Preferred application path:

```sql
select *
from liquid.read_as('user:alice', $$
  Edge(subject_literal, "name", object_literal)?
$$) as t(subject_literal text, object_literal text);
```

`liquid.read_as(...)` is the preferred application read path. It binds the
request principal for the duration of the call, evaluates CLS as that principal
or any inherited `liquid/acts_for` ancestor, and rejects top-level assertions.

`liquid.query_as(...)` remains available for trusted write-capable wrappers that
need to seed or mutate LIquid state before querying.

`pg_liquid.policy_principal` remains available for privileged maintenance or
manual operator sessions:

```sql
set pg_liquid.policy_principal = 'user:alice';
reset pg_liquid.policy_principal;
```

## Table Normalizers

Row normalizers are the supported way to project an authoritative relational
table into LIquid compounds.

Preconditions:

- the source relation must be a base table
- the source table must have a primary key
- the compound type must already be defined in the LIquid graph schema
- the `role_columns` JSON object must map every compound role exactly once
- if any mapped source column is `NULL`, that row projects no compound

To project a table into a compound type:

```sql
select liquid.create_row_normalizer(
  'public.film_performances'::regclass,
  'film_perf',
  'FilmPerf',
  '{"actor":"actor_name","film":"film_title","role":"role_name"}'::jsonb
);
```

This installs an `AFTER INSERT OR UPDATE OR DELETE FOR EACH ROW` trigger on the
source table and, by default, backfills existing rows.

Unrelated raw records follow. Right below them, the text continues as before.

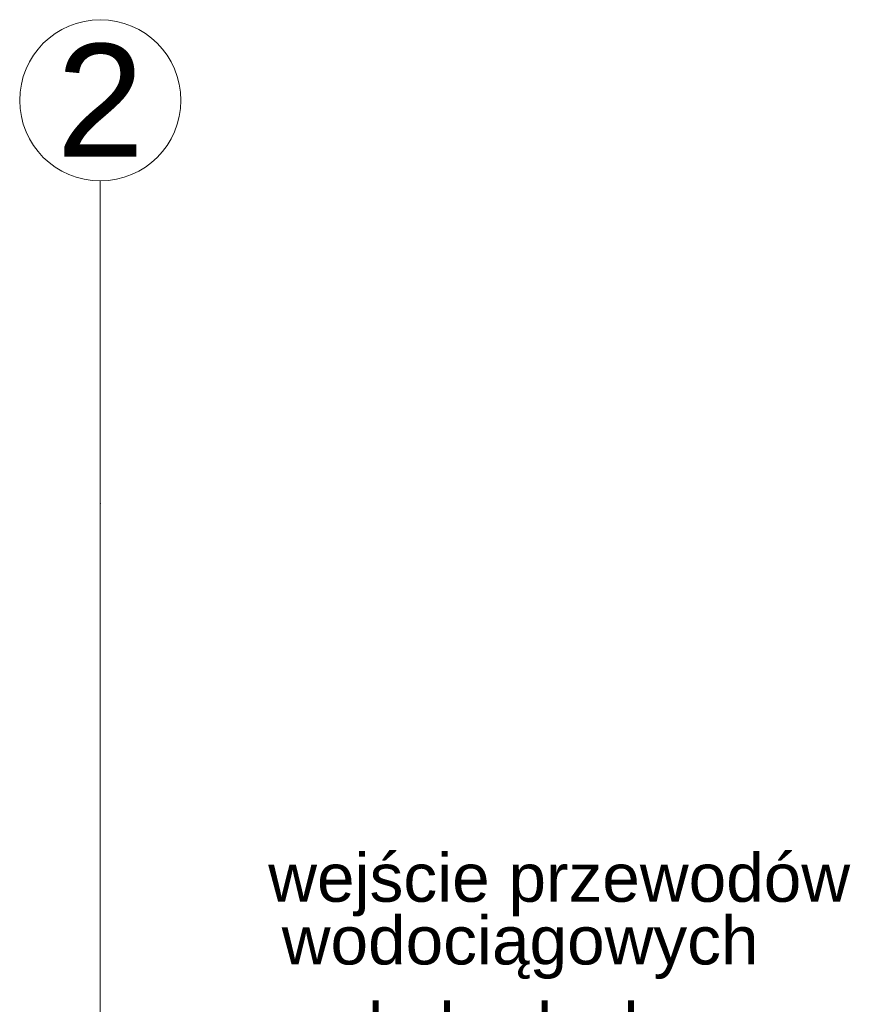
# Model space of a CAD drawing. Header units: millimetres. Extents: x -573548 to 674770, y -184010 to -47794.
# Tile 77 of 181: x 87077 to 89734, y -92095 to -89042. Entities that reach past the tile are written whole.
import ezdxf
from ezdxf.enums import TextEntityAlignment as Align

# ---------------------------------------------------------------- set-up
doc = ezdxf.new("R2010")
doc.units = ezdxf.units.MM
for name, color, linetype, lineweight in [('A.02 RZUT PIWNICY_is$0$opisy inne_Nr_pióra__1', 8, 'Continuous', 9), ('A.02 RZUT PIWNICY_is$0$Structural - Grid', 8, 'Continuous', 9), ('A.02 RZUT PIWNICY_is$0$Structural - Grid_Nr_pióra__17', 8, 'Continuous', 9)]:
    doc.layers.add(name, color=color, linetype=linetype, lineweight=lineweight)
doc.styles.add('A.02 RZUT PIWNICY_is$0$STYL_AUTOMATYCZNY_1', font='arial.ttf')

# ---------------------------------------------------------------- blocks, each defined once
blk = doc.blocks.new('A.02 RZUT PIWNICY_is$0$Standardowy znacznik osi_2')
at = {"layer": 'A.02 RZUT PIWNICY_is$0$Structural - Grid_Nr_pióra__17'}
for p, q in [((1000, 0), (17853.1, 0)), ((17853.1, 0), (18853.1, 0))]:
    blk.add_line(p, q, dxfattribs=at)
blk.add_circle((19103.1, 0), 250, dxfattribs=at)
blk.add_point((17853.1, 0), dxfattribs=at)
blk.add_point((17853.1, 0), dxfattribs=at)
at = {"layer": 'A.02 RZUT PIWNICY_is$0$Structural - Grid_Nr_pióra__17', "style": 'A.02 RZUT PIWNICY_is$0$STYL_AUTOMATYCZNY_1'}
for tag, p in [('AC_MarkerText_1_0', (5, -80)), ('AC_MarkerText_1_1', (19358.1, -80))]:
    blk.add_attdef(tag, text='', height=350, rotation=270, dxfattribs=at).set_placement(p, align=Align.TOP_CENTER)
blk = doc.blocks.new('A.02 RZUT PIWNICY_is')
at = {"layer": 'A.02 RZUT PIWNICY_is$0$Structural - Grid'}
ref = blk.add_blockref('A.02 RZUT PIWNICY_is$0$Standardowy znacznik osi_2', (87897.3, -108395.1), dxfattribs=dict(at, zscale=1000, rotation=90))
ref.add_attrib('AC_MarkerText_1_1', '2', dxfattribs={"layer": 'A.02 RZUT PIWNICY_is$0$Structural - Grid_Nr_pióra__17', "color": 20, "lineweight": 15, "true_color": 0xf73328, "height": 350, "style": 'A.02 RZUT PIWNICY_is$0$STYL_AUTOMATYCZNY_1'}).set_placement((87897.3, -89116.9), align=Align.TOP_CENTER)
at = {"layer": 'A.02 RZUT PIWNICY_is$0$opisy inne_Nr_pióra__1', "insert": (89320.8, -91724.9), "char_height": 150, "attachment_point": 5, "style": 'A.02 RZUT PIWNICY_is$0$STYL_AUTOMATYCZNY_1'}
blk.add_mtext('\\A1;{\\pqc;\\fArial|b0|i0|c238|p0;\\W1.000000;wejście przewodów}', dxfattribs=at)
at = {"layer": 'A.02 RZUT PIWNICY_is$0$opisy inne_Nr_pióra__1', "insert": (89199.7, -92053.7), "char_height": 150, "attachment_point": 5, "line_spacing_factor": 1.075643, "style": 'A.02 RZUT PIWNICY_is$0$STYL_AUTOMATYCZNY_1'}
blk.add_mtext('\\A1;{\\pqc;\\fArial|b0|i0|c238|p0;\\W1.000000;wodociągowych\\P\\pqc;\\fArial|b0|i0|c238|p0;\\W1.000000;do budynku}', dxfattribs=at)

msp = doc.modelspace()

# ---------------------------------------------------------------- block references
at = {"ltscale": 10}
msp.add_blockref('A.02 RZUT PIWNICY_is', (-570.227, 0), dxfattribs=at)

doc.saveas('drawing.dxf')

Recommended rollout sequence for a new normalizer:

1. Define the target compound schema through `liquid.query(...)`.
2. Create the row normalizer with `backfill => true` in staging first.
3. Verify projected compounds through `liquid.query(...)`.
4. Promote the same registration in production.

Runtime behavior:

- inserts project a compound and its role edges
- updates diff old and new projections rather than blindly deleting/reinserting
- deletes remove bindings and only tombstone graph edges when no other row still
  supports the same triple
- duplicate relational rows may project the same compound safely

Operational helpers:

```sql
select liquid.rebuild_row_normalizer(
  'public.film_performances'::regclass,
  'film_perf'
);

select liquid.drop_row_normalizer(
  'public.film_performances'::regclass,
  'film_perf',
  true
);
```

Use `rebuild_row_normalizer(...)` after schema drift, manual graph repair, or
if you need to regenerate bindings from the source table. Use
`drop_row_normalizer(..., purge => true)` to remove the trigger and deproject
all graph facts maintained by that normalizer.

## Smoke Checks

Minimal post-deploy checks:

```sql
select * from liquid.query($$
  Edge("a", "knows", "b").
  Edge(x, "knows", y)?
$$) as t(x text, y text);
```

For CLS validation:

```sql
select * from liquid.query($$
  DefPred("owner", "1", "liquid/node", "0", "liquid/string").
  DefPred("name", "1", "liquid/node", "0", "liquid/string").
  Edge("name", "liquid/readable_if_subject_has", "owner").
  Edge("person:alice", "owner", "user:alice").
  Edge("person:alice", "name", "Alice").
  Edge(subject_literal, "name", object_literal)?
$$) as t(subject_literal text, object_literal text);
```

Run that once with:

- `set pg_liquid.policy_principal = 'user:alice'`

Expected:

- one visible `name` row for `person:alice`

Then run with:

- `reset pg_liquid.policy_principal`

Expected:

- all live matching facts are visible

## Rollback

There is no reverse migration shipped from `0.1.0` back to the legacy internal
`1.2.0`, `1.1.0`, or `1.0.0` versions.

Operationally, rollback means one of:

- restore the database from backup/snapshot
- restore the older extension binaries and database state together
- treat rollout as forward-only and fix forward if the extension has already
  mutated data

Do not assume `alter extension ... update` can be reversed.